Михаил Сергеевич смотрел на странно заострившиеся, посеревшие лица соратников и тоскливо думал: «Сейчас задницу лижут, а чуть ослабею – съедят. Сожрут меня с потрохами, крысы».
Все последние дни Марат ходил, как блаженный – не слышал никого, переспрашивал по нескольку раз. Улыбался не к месту. Викулов, только что вернувшийся из свадебного отпуска, тоже пребывал в счастливой прострации, из-за чего план ремонтных работ его взвода трещал по всем швам. Серёга терял чертежи, забывал выключать паяльник, едва не устроив пожар.
Подполковник Морозов, щеголявший новыми погонами, глядя на эту парочку, плевался:
– Вот наказание, а! Не лейтенанты, а день открытых дверей в дурдоме! То за Наполеона воюют, то под юродивых косят.
На совещании друзья сели за последним столом, рядом с Димкой Быкадоровым из бронетанкового батальона. Викулов вытащил тетрадку, начал кропать письмо любимой жене Танечке. Грыз ручку, мечтательно закатывал глаза, каждые полминуты снимал и протирал очки.
Пока начальник базы нудно подводил итоги учений, бубня по бумажке цифры и номера подразделений, Быкадоров вполголоса травил очередную байку, на этот раз из училищной жизни:
– У нас на потоке, в соседней роте, «крысу» поймали. Прикинь, Марат: у своих же однокурсников из тумбочек тырил ерунду всякую: магнитофонные кассеты, перочинные ножи. Даже мелочь из карманов!

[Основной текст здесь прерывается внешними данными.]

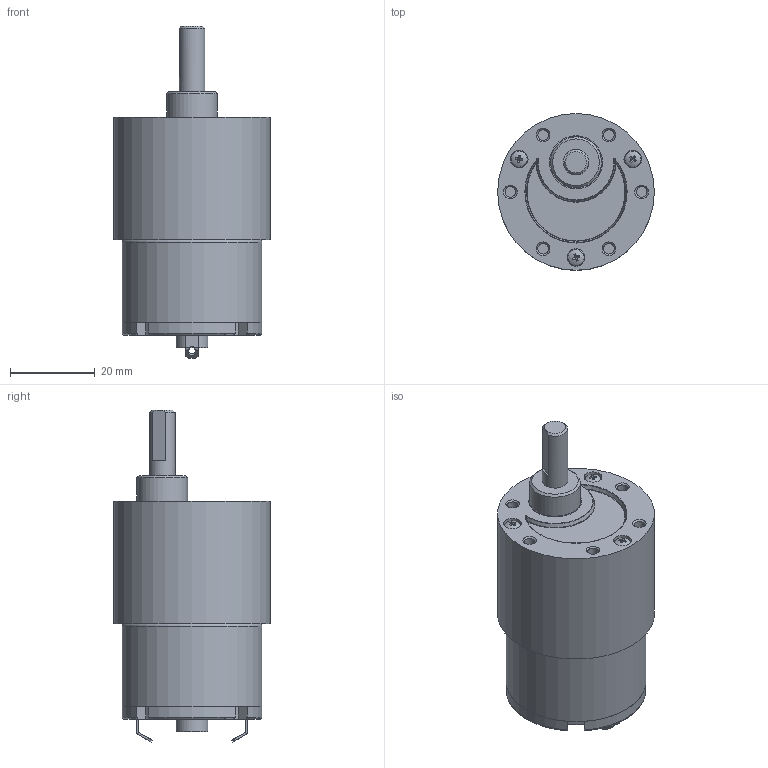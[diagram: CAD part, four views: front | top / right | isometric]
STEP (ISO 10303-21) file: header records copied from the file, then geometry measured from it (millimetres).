
FILE_DESCRIPTION(/* description */ ('STEP AP214','CAx-IF Rec.Pracs.---Representation and Presentation of Product Manufacturing Information (PMI)---4.0---2014-10-13'),/* implementation_level */ '2;1');
FILE_NAME(/* name */ 'JGB37-520.stp',/* time_stamp */ '2026-09-29T06:50:59+02:00',/* author */ ('R5800u'),/* organization */ (''),/* preprocessor_version */ 'ST-DEVELOPER v20',/* originating_system */ 'Autodesk Inventor 2025',/* authorisation */ '');
FILE_SCHEMA (('AP242_MANAGED_MODEL_BASED_3D_ENGINEERING_MIM_LF { 1 0 10303 442 1 1 4 }'));
Length unit declared in the file: millimetre
Products named in the file (1): JGB37-520
Bounding box: 37 x 37 x 78.38 mm (x, y, z)
Volume: 16286.7 mm3; surface area: 20765.1 mm2
Topology: 11 solids, 11 shells, 245 faces, 561 edges, 352 vertices
Faces by surface type: plane 143, cylinder 66, torus 14, cone 13, sphere 5, bspline 4
Full cylindrical faces by diameter (mm): 1.6 x3, 2 x3, 2.5 x6, 2.6 x3, 4 x3, 4.2 x3, 6 x4, 7.5 x1, 12 x1, 12.5 x1, 32 x2, 33 x1, 34 x1, 35.4 x1, 37 x1
Entity records: 7510 total; most frequent: CARTESIAN_POINT 1600, DIRECTION 1277, ORIENTED_EDGE 1122, EDGE_CURVE 561, AXIS2_PLACEMENT_3D 483, VERTEX_POINT 352, LINE 311, VECTOR 311

Тагиров осуждающе покачал головой, заметил:
– Вот скотина! Пришибли его?
Для «крыс», ворующих последнее у товарищей, что в армии, что в тюрьме судьба простая: «темная», презрение и ежедневные унижения до конца срока. Часто бывает – «крыса» не выдерживает, вешается. Нет более позорного преступления, даже стукачам меньше достается.
– Хотели с балкона скинуть, но офицеры отбили. А у этого гада отец оказался крутой – полковник из штаба округа. Их ротный папаше позвонил, говорит: так мол и так, загваздался ваш сынок по полной, пусть сам рапорт пишет и добровольно валит из училища, а то до выпуска не доживет. Полковник примчался, с начальством договорился как-то. И переводят к нам этого кадра в роту. Нас командир предупредил: никаких синяков. Если признают пострадавшим, вообще никогда из училища убрать не смогут, дотянет до диплома. Делайте что хотите – презирайте, бойкот объявляйте. Бить нельзя.
– И что же вы, терпели этого хмыря до выпуска? – сочувственно спросил Тагиров.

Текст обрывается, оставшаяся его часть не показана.